Ford Motor Company (NYSE:F) disappointed some fans and investors when it said last week that its all-new Bronco will be delayed until next summer because of a COVID-related supplier problem. But the company said that its most important new-product launch -- the all-new 2021 F-150 -- is still on schedule, and early demand is strong as the first trucks arrive at its U.S. dealers.

Ford said dealers are "raving" about the new truck's tech, as orders surge

Ford's U.S. sales chief Mark LaNeve told me that early orders for the new F-150 have been high, with a big increase in the number of customers choosing to special order their new trucks.

A white 2021 F-150 pickup outside a Ford dealership in Michigan.

The first shipments of Ford's all-new 2021 F-150 pickup are now arriving at dealers, the company said. Image source: Ford Motor Company.

"In terms of 'sold orders' -- retail orders when the customers come into a dealership and spec the exact vehicle they want rather than buying it out of stock -- they're more than double from any time we can recall in the last five years," LaNeve said. "It's up 250% from a year ago, and more than double from any new model that we can track back to 2015."

LaNeve said that dealers and early customers are drawn to the changes that Ford has made to the pickup's interior. "Dealers are raving about the technology in the interior," LaNeve said, noting that the new truck has a large touchscreen, a fold-down desk to accommodate a laptop computer, and an on-board modem that will allow over-the-air updates to the truck's software. 

The front seat and dashboard of a 2021 Ford F-150 pickup.

The 2021 F-150's interior has several new features including a large touchscreen and a surface for a laptop. Image source: Ford Motor Company.

Ford builds the F-150 at two plants -- one in Dearborn, Michigan and the other near Kansas City, Missouri. Both factories were shut down for several weeks earlier in the fall to install the new tooling required to build the 2021 F-150s. Both are now back up and running and began shipping the new F-150s in late November, but inventories of pickups at Ford's dealers remain tight. 
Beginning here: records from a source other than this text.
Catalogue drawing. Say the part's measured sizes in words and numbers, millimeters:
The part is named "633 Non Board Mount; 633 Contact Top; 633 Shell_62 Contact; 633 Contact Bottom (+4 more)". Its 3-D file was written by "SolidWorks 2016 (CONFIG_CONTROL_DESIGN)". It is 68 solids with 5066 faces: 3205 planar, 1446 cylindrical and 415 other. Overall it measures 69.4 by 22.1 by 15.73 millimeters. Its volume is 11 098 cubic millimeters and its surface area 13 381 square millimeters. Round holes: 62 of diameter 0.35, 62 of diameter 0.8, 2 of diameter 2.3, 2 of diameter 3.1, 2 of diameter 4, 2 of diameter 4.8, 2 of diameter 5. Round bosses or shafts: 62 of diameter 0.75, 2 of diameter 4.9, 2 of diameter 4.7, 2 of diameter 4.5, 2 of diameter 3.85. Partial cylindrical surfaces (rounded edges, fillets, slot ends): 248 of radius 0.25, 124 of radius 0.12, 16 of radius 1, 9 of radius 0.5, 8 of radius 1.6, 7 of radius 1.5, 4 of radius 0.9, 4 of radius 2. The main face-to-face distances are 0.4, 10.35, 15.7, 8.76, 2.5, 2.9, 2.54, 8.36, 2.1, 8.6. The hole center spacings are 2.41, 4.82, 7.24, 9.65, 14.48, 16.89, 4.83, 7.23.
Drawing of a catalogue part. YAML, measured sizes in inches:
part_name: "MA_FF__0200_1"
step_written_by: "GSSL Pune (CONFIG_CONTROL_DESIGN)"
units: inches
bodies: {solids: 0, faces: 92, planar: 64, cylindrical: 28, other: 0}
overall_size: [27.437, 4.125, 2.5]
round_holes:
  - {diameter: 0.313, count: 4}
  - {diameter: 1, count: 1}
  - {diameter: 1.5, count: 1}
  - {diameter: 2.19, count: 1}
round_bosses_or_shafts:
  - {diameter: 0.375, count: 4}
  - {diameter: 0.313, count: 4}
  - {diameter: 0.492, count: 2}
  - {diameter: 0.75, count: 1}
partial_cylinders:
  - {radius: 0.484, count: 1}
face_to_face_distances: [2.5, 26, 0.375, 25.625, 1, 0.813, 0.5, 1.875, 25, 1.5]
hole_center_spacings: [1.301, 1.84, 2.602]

Ford had about 59 days' worth of F-Series trucks on dealer lots as of Dec. 1, according to data from Automotive News. That's low: Ford, like its Detroit rivals, aims to have about 90 days' worth of pickups in inventory at its dealers. 

Despite COVID-19, Ford's truck sales are still on track for a good year

Despite the pre-launch shutdowns and the 10-week shutdown of all of Ford's North American factories earlier this year amid the coronavirus pandemic, Ford's trucks have had a good year, under the circumstances. While sales of the F-Series truck lineup were down about 12% this year through November, LaNeve said that the F-Series is on track to once again be America's bestseller in 2020 -- for the 39th year in a row.

That streak could well extend into 2021. LaNeve said that dealers requested more than double the number of trucks that Ford could build in the first month of production.

For auto investors holding Ford's stock, this is welcome news. While 2020 has been an expensive year for Ford (and many of its rivals), these good truck sales -- in a period when incentives have been relatively low -- have helped to offset some of the impact of the factory shutdowns and weak economy on Ford's bottom line.